Good afternoon. I thank you all for appearing before the committee. I certainly want to commend you on your presentations.
To the Union of Ontario Indians, with Deputy Grand Chief Hare, I certainly appreciate the fact that you've itemized some of the amendments you would like to see and the rationale behind them. That certainly makes our work very easy in terms of progressing if we as a committee decide to go in that particular direction.
As well, I appreciate the comments of Mr. Hunter and Grand Chief Stonefish.

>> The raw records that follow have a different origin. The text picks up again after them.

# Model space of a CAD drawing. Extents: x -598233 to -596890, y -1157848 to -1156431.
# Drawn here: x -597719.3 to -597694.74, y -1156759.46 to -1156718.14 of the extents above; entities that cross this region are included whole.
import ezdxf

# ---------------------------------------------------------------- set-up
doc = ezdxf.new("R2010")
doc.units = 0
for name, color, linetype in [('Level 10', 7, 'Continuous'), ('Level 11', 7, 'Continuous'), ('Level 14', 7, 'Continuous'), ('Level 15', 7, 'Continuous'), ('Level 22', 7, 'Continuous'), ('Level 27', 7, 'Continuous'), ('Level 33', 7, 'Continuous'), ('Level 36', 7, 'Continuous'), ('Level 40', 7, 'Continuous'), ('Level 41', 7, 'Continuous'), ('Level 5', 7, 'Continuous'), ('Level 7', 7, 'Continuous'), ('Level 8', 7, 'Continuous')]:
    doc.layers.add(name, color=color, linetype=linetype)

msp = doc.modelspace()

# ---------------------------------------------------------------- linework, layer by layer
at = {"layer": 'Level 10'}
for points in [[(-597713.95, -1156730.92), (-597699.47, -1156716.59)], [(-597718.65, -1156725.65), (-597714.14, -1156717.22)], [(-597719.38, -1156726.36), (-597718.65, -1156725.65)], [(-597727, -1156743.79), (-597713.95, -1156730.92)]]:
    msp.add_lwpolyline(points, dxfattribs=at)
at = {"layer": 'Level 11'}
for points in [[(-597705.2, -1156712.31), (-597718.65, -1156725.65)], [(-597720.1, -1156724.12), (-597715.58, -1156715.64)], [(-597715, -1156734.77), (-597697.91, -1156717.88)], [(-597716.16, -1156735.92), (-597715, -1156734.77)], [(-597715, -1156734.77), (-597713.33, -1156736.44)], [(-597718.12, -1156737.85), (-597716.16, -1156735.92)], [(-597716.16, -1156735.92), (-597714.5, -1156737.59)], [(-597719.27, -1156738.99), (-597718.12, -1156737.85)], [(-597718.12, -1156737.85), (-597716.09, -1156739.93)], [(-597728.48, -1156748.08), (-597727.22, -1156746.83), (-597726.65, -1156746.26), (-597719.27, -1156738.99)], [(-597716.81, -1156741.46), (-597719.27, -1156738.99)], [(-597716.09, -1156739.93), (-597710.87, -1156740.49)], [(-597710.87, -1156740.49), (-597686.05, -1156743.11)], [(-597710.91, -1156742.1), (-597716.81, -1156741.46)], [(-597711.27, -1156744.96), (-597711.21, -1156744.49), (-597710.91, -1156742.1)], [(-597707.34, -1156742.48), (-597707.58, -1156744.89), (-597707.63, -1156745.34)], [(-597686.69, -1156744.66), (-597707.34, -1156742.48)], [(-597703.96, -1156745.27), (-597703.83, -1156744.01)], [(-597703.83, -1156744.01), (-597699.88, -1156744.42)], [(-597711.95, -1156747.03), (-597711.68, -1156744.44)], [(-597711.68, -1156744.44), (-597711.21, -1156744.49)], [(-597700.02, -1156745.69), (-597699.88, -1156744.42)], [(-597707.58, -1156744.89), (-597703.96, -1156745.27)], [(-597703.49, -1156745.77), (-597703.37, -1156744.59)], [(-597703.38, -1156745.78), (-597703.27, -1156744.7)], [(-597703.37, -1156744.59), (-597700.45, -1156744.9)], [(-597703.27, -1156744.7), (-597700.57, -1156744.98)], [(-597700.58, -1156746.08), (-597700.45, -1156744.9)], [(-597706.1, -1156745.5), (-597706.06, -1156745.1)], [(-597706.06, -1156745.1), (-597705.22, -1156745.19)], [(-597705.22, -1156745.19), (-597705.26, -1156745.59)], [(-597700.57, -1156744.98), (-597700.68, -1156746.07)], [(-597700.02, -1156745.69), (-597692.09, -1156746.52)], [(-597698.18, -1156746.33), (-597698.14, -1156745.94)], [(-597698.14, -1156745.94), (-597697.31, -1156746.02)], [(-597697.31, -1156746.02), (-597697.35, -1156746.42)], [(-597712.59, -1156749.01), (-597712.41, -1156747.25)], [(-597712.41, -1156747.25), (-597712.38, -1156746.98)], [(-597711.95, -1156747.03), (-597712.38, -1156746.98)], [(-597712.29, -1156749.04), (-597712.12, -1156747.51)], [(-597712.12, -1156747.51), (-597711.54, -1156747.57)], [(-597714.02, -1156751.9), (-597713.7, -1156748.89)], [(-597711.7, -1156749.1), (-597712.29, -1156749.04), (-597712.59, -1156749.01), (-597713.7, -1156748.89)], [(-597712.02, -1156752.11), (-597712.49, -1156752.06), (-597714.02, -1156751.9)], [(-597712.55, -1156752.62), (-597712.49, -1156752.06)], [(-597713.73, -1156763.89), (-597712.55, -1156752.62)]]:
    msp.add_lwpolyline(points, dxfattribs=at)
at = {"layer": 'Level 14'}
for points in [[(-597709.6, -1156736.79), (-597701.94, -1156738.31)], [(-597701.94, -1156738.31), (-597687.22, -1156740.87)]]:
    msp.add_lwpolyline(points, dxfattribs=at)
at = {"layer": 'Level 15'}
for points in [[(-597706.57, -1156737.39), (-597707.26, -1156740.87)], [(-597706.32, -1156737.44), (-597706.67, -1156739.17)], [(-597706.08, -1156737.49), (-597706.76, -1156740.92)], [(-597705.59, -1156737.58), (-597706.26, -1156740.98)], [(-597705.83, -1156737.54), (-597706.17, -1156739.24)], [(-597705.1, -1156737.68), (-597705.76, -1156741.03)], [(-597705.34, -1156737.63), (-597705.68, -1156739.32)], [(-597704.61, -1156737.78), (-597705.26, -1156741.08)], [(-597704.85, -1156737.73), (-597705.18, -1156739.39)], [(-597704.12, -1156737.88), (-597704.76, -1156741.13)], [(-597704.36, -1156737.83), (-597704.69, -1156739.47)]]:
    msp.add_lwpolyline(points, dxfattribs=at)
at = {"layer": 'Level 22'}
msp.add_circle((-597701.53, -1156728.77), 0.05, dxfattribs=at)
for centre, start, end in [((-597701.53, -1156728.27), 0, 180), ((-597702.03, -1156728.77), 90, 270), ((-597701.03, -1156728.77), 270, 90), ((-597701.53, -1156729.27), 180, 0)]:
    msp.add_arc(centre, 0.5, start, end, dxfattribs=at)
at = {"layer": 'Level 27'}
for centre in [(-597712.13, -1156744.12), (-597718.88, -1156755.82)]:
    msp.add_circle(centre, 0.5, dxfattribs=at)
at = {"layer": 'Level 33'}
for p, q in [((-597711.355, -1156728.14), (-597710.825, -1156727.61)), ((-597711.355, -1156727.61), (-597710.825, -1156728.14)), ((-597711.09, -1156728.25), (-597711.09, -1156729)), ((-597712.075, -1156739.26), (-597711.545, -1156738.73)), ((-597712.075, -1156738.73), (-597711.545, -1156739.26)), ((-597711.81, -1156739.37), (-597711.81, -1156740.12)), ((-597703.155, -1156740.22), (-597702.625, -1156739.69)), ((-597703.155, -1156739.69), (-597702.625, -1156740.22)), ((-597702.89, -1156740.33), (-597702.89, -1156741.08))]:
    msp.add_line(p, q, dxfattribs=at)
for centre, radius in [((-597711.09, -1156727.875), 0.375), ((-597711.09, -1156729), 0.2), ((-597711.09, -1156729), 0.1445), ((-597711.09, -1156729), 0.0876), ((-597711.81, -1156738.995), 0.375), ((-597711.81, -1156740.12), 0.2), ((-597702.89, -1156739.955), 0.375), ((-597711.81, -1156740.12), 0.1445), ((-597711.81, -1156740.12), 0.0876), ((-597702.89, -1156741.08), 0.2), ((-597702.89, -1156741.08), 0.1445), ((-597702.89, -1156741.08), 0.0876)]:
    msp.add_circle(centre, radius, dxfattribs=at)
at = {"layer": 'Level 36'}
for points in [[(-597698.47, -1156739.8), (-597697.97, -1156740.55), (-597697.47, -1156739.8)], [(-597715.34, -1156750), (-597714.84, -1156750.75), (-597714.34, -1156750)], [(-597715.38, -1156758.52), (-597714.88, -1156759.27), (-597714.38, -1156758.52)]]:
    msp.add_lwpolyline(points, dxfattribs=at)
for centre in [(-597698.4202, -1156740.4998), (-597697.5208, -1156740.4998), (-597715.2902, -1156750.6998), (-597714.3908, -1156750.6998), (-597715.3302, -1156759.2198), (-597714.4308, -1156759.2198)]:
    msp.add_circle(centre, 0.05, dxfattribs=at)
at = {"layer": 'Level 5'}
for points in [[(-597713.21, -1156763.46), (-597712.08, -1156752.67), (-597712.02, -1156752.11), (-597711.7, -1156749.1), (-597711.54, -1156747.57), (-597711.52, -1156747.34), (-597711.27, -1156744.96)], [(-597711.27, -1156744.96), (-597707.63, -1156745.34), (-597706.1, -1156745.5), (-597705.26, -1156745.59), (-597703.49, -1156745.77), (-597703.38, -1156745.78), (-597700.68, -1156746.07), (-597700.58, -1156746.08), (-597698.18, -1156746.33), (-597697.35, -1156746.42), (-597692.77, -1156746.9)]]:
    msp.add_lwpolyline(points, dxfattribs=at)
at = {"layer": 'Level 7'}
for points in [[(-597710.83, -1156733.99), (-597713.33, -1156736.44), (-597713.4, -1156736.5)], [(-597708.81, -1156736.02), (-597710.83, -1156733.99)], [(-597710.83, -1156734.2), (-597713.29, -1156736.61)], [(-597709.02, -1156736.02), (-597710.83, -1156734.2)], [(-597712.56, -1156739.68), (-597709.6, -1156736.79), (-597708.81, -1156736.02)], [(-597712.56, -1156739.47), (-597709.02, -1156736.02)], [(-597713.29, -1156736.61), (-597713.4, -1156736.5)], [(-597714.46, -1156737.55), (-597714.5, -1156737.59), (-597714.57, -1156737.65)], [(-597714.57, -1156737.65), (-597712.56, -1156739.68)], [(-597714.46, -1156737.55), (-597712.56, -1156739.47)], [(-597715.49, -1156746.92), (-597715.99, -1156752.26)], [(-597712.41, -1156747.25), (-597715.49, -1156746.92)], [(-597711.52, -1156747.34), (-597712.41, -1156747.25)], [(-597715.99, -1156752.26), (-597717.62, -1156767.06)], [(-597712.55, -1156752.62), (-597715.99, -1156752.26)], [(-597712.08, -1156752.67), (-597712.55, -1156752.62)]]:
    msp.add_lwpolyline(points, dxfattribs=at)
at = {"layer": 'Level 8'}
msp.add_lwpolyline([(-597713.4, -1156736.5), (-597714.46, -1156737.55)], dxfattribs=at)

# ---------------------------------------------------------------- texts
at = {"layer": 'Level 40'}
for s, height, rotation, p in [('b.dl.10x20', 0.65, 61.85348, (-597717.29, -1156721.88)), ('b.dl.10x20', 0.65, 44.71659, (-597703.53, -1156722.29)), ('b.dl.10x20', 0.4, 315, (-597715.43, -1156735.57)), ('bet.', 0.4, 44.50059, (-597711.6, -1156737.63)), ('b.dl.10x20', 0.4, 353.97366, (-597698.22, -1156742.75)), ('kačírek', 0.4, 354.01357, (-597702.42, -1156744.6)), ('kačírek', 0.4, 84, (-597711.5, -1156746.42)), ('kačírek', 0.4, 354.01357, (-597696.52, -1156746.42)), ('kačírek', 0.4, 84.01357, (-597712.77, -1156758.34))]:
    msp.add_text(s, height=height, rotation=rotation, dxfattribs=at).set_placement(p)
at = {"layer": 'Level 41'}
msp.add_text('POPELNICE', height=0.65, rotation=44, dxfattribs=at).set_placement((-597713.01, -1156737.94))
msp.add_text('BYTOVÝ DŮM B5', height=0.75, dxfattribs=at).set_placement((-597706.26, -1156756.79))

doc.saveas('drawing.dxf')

One of the first questions I raised with the minister when he was before this committee talking about Bill C-30 was the issue of land and the prohibitions within certain phases of the Specific Claims Resolution Act that, once you go to a tribunal, you can only compensate people in a monetary fashion. The minister's response basically was, listen, the federal government doesn't own any land, or what we do own is so minuscule that it really wouldn't have much of an impact, because we can't award it; we have no jurisdiction to award it.
But I still think this is a major issue that's reflected in each of your presentations, and I wonder, with the way the bill is structured and the language that's in it, will first nations themselves be willing to engage in this process with that prohibition in place, the fact that you cannot compensate with lands? They can only compensate from a monetary perspective. Will people be less willing to engage in this process? If the bill goes through as it is, will people be less engaged?
I wonder about section 91.24 of the Constitution, which says that the federal government has responsibility for Indians and lands reserved for Indians. That might not necessarily be the boundaries within which people operate now or have been confined to by the various historical incidents, happenings, laws, people taking the land, that type of thing.
I'm looking for more clarification on this from each of you. What I want to know is, are you going to be willing to engage? If this bill goes through, will people engage? If people don't engage, what's the use of it?
Secondly, how comfortable is anybody with one judge being the final arbiter of any claim that you put forward, if you went to the tribunal? There's only one judge—not three, just one. I'd like to know that.